THE TASK: Starting at the line that contains "#36779 = CARTESIAN_POINT", restate every line word for word through the end of the entries.

INPUT:
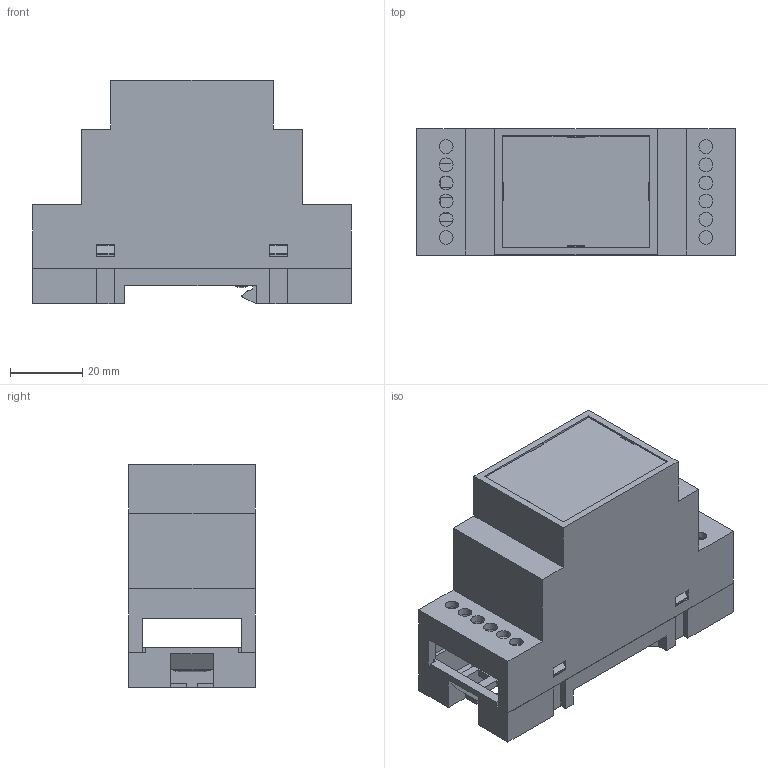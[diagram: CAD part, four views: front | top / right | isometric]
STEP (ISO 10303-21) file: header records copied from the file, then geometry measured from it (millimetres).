
FILE_DESCRIPTION(('STEP AP214'), '1');
FILE_NAME('Êîðïóñ õ2', '', ('UNSPECIFIED'), ('UNSPECIFIED'), 'C3D Converter', 'C3D Toolkit', '');
FILE_SCHEMA(('AUTOMOTIVE_DESIGN { 1 0 10303 214 3 1 1}'));
Length unit declared in the file: millimetre
Assembly tree (3 placements, depth 2):
  (unnamed)
    (unnamed)
    (unnamed)
    (unnamed)
Bounding box: 88.35 x 35 x 61.9 mm (x, y, z)
Volume: 35859 mm3; surface area: 38579.4 mm2
Topology: 3 solids, 3 shells, 476 faces, 1370 edges, 900 vertices
Faces by surface type: plane 414, cylinder 58, torus 4
Full cylindrical faces by diameter (mm): 3.8 x12, 5 x4
Entity records: 15558 total; most frequent: CARTESIAN_POINT 2734, ORIENTED_EDGE 2708, DIRECTION 2440, EDGE_CURVE 1354, LINE 1228, VECTOR 1228, VERTEX_POINT 900, AXIS2_PLACEMENT_3D 606
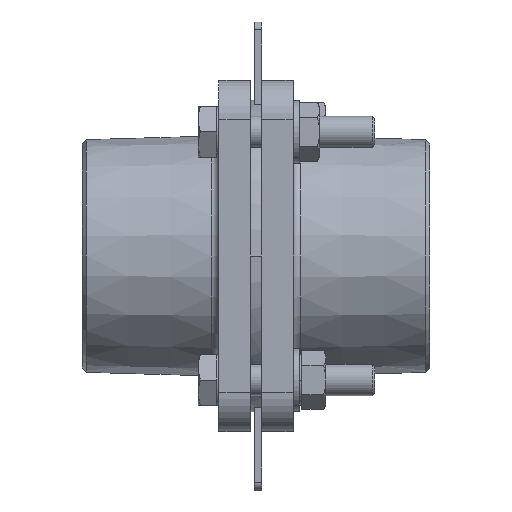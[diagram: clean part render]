
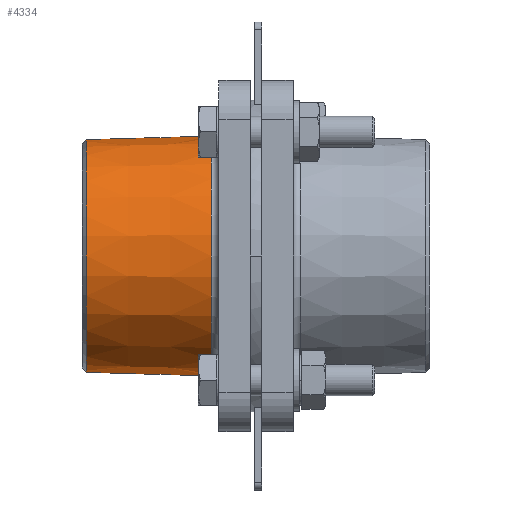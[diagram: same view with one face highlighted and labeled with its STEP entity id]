
A CAD part, left-side view. The second image highlights one B-rep face of the part: STEP entity #4334.
In plain terms, the highlighted conical face has half-angle 1.637 degrees and reference radius 30.744 mm.
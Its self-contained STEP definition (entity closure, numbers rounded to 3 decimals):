
#65 = AXIS2_PLACEMENT_3D ( 'NONE', #4342, #7960, #4376 ) ;
#532 = LINE ( 'NONE', #1485, #4473 ) ;
#581 = VERTEX_POINT ( 'NONE', #4955 ) ;
#584 = VERTEX_POINT ( 'NONE', #7122 ) ;
#734 = DIRECTION ( 'NONE',  ( 0., -1., 0.029 ) ) ;
#889 = DIRECTION ( 'NONE',  ( 0., -1., -0.029 ) ) ;
#1485 = CARTESIAN_POINT ( 'NONE',  ( 1.279, 3.997, 34.109 ) ) ;
#1529 = LINE ( 'NONE', #4575, #7160 ) ;
#1895 = EDGE_CURVE ( 'NONE', #581, #584, #1529, .T. ) ;
#1992 = DIRECTION ( 'NONE',  ( 0., -1., 0. ) ) ;
#2136 = CARTESIAN_POINT ( 'NONE',  ( 1.279, 3.997, 3.364 ) ) ;
#2327 = VERTEX_POINT ( 'NONE', #3783 ) ;
#2749 = CARTESIAN_POINT ( 'NONE',  ( 1.279, 36.025, 33.194 ) ) ;
#2851 = DIRECTION ( 'NONE',  ( 0., 0., -1. ) ) ;
#3783 = CARTESIAN_POINT ( 'NONE',  ( 1.279, 3.997, 34.109 ) ) ;
#4334 = ADVANCED_FACE ( 'NONE', ( #5432 ), #5998, .T. ) ;
#4342 = CARTESIAN_POINT ( 'NONE',  ( 1.279, 3.997, 3.364 ) ) ;
#4376 = DIRECTION ( 'NONE',  ( 0., 0., -1. ) ) ;
#4473 = VECTOR ( 'NONE', #734, 1000. ) ;
#4575 = CARTESIAN_POINT ( 'NONE',  ( 1.279, 3.997, -27.38 ) ) ;
#4808 = AXIS2_PLACEMENT_3D ( 'NONE', #2136, #7269, #2851 ) ;
#4955 = CARTESIAN_POINT ( 'NONE',  ( 1.279, 36.025, -26.465 ) ) ;
#5111 = EDGE_LOOP ( 'NONE', ( #6158, #8152, #8780, #5253 ) ) ;
#5253 = ORIENTED_EDGE ( 'NONE', *, *, #6005, .F. ) ;
#5376 = AXIS2_PLACEMENT_3D ( 'NONE', #6408, #1992, #7120 ) ;
#5432 = FACE_OUTER_BOUND ( 'NONE', #5111, .T. ) ;
#5998 = CONICAL_SURFACE ( 'NONE', #65, 30.744, 0.029 ) ;
#6005 = EDGE_CURVE ( 'NONE', #2327, #584, #6884, .T. ) ;
#6087 = EDGE_CURVE ( 'NONE', #6752, #2327, #532, .T. ) ;
#6158 = ORIENTED_EDGE ( 'NONE', *, *, #6087, .F. ) ;
#6408 = CARTESIAN_POINT ( 'NONE',  ( 1.279, 36.025, 3.364 ) ) ;
#6752 = VERTEX_POINT ( 'NONE', #2749 ) ;
#6859 = CIRCLE ( 'NONE', #5376, 29.829 ) ;
#6884 = CIRCLE ( 'NONE', #4808, 30.744 ) ;
#6978 = EDGE_CURVE ( 'NONE', #6752, #581, #6859, .T. ) ;
#7120 = DIRECTION ( 'NONE',  ( 0., 0., 1. ) ) ;
#7122 = CARTESIAN_POINT ( 'NONE',  ( 1.279, 3.997, -27.38 ) ) ;
#7160 = VECTOR ( 'NONE', #889, 1000. ) ;
#7269 = DIRECTION ( 'NONE',  ( 0., -1., 0. ) ) ;
#7960 = DIRECTION ( 'NONE',  ( 0., -1., 0. ) ) ;
#8152 = ORIENTED_EDGE ( 'NONE', *, *, #6978, .T. ) ;
#8780 = ORIENTED_EDGE ( 'NONE', *, *, #1895, .T. ) ;
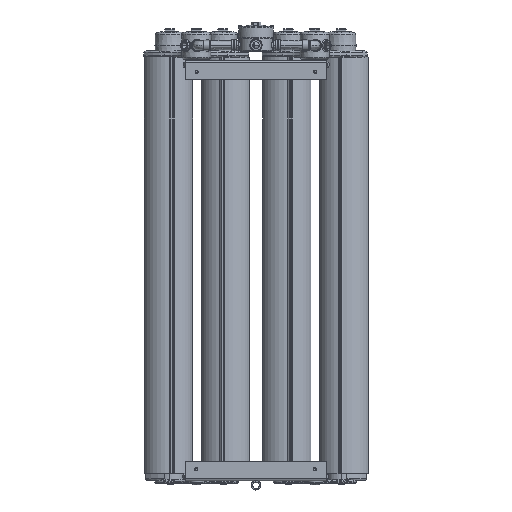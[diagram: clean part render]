
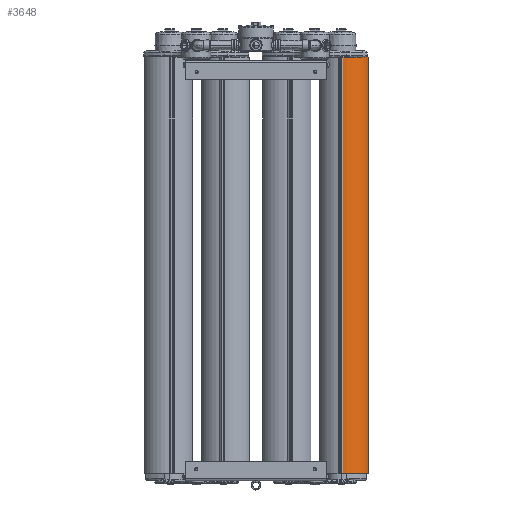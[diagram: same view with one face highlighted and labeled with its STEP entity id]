
A CAD part, front view. The second image highlights one B-rep face of the part: STEP entity #3648.
In plain terms, the highlighted cylindrical face has radius 76.103 mm (diameter 152.207 mm), a partial arc.
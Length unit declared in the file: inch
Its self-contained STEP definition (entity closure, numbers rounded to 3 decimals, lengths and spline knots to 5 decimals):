
#1844 = CARTESIAN_POINT ( 'NONE',  ( 0.04379, -1.11468, 47. ) ) ;
#2128 = VERTEX_POINT ( 'NONE', #36779 ) ;
#3648 = ADVANCED_FACE ( 'NONE', ( #5486 ), #35245, .T. ) ;
#3678 = EDGE_CURVE ( 'NONE', #20715, #17067, #28322, .T. ) ;
#4812 = DIRECTION ( 'NONE',  ( -1., 0., 0. ) ) ;
#5486 = FACE_OUTER_BOUND ( 'NONE', #31286, .T. ) ;
#6100 = LINE ( 'NONE', #15848, #36776 ) ;
#6618 = ORIENTED_EDGE ( 'NONE', *, *, #16977, .T. ) ;
#9307 = AXIS2_PLACEMENT_3D ( 'NONE', #1844, #22665, #4812 ) ;
#9720 = DIRECTION ( 'NONE',  ( 0., 0., 1. ) ) ;
#10199 = CARTESIAN_POINT ( 'NONE',  ( 0.21331, 1.87672, 0. ) ) ;
#11706 = CARTESIAN_POINT ( 'NONE',  ( 0.21331, 1.87672, 47. ) ) ;
#14148 = DIRECTION ( 'NONE',  ( 0., 0., 1. ) ) ;
#15848 = CARTESIAN_POINT ( 'NONE',  ( -2.62633, 0.24461, 47. ) ) ;
#15955 = CIRCLE ( 'NONE', #9307, 2.9962 ) ;
#16977 = EDGE_CURVE ( 'NONE', #34648, #2128, #6100, .T. ) ;
#17067 = VERTEX_POINT ( 'NONE', #10199 ) ;
#18815 = CARTESIAN_POINT ( 'NONE',  ( -2.62633, 0.24461, 0. ) ) ;
#19461 = CIRCLE ( 'NONE', #29050, 2.9962 ) ;
#19520 = DIRECTION ( 'NONE',  ( 0., 0., -1. ) ) ;
#20715 = VERTEX_POINT ( 'NONE', #11706 ) ;
#21478 = EDGE_CURVE ( 'NONE', #17067, #34648, #19461, .T. ) ;
#22248 = CARTESIAN_POINT ( 'NONE',  ( 0.21331, 1.87672, 47. ) ) ;
#22665 = DIRECTION ( 'NONE',  ( 0., 0., 1. ) ) ;
#24873 = DIRECTION ( 'NONE',  ( 0., 0., -1. ) ) ;
#24992 = ORIENTED_EDGE ( 'NONE', *, *, #3678, .T. ) ;
#25114 = CARTESIAN_POINT ( 'NONE',  ( 0.04379, -1.11468, 47. ) ) ;
#25406 = AXIS2_PLACEMENT_3D ( 'NONE', #25114, #24873, #28100 ) ;
#27404 = VECTOR ( 'NONE', #19520, 39.37008 ) ;
#28100 = DIRECTION ( 'NONE',  ( -1., 0., 0. ) ) ;
#28322 = LINE ( 'NONE', #22248, #27404 ) ;
#29050 = AXIS2_PLACEMENT_3D ( 'NONE', #31987, #14148, #34943 ) ;
#31286 = EDGE_LOOP ( 'NONE', ( #38353, #24992, #35308, #6618 ) ) ;
#31987 = CARTESIAN_POINT ( 'NONE',  ( 0.04379, -1.11468, 0. ) ) ;
#32382 = EDGE_CURVE ( 'NONE', #20715, #2128, #15955, .T. ) ;
#34648 = VERTEX_POINT ( 'NONE', #18815 ) ;
#34943 = DIRECTION ( 'NONE',  ( -1., 0., 0. ) ) ;
#35245 = CYLINDRICAL_SURFACE ( 'NONE', #25406, 2.9962 ) ;
#35308 = ORIENTED_EDGE ( 'NONE', *, *, #21478, .T. ) ;
#36776 = VECTOR ( 'NONE', #9720, 39.37008 ) ;
#36779 = CARTESIAN_POINT ( 'NONE',  ( -2.62633, 0.24461, 47. ) ) ;
#38353 = ORIENTED_EDGE ( 'NONE', *, *, #32382, .F. ) ;

COMPLETED EXERCISE:
#36779 = CARTESIAN_POINT ( 'NONE',  ( -2.62633, 0.24461, 47. ) ) ;
#38353 = ORIENTED_EDGE ( 'NONE', *, *, #32382, .F. ) ;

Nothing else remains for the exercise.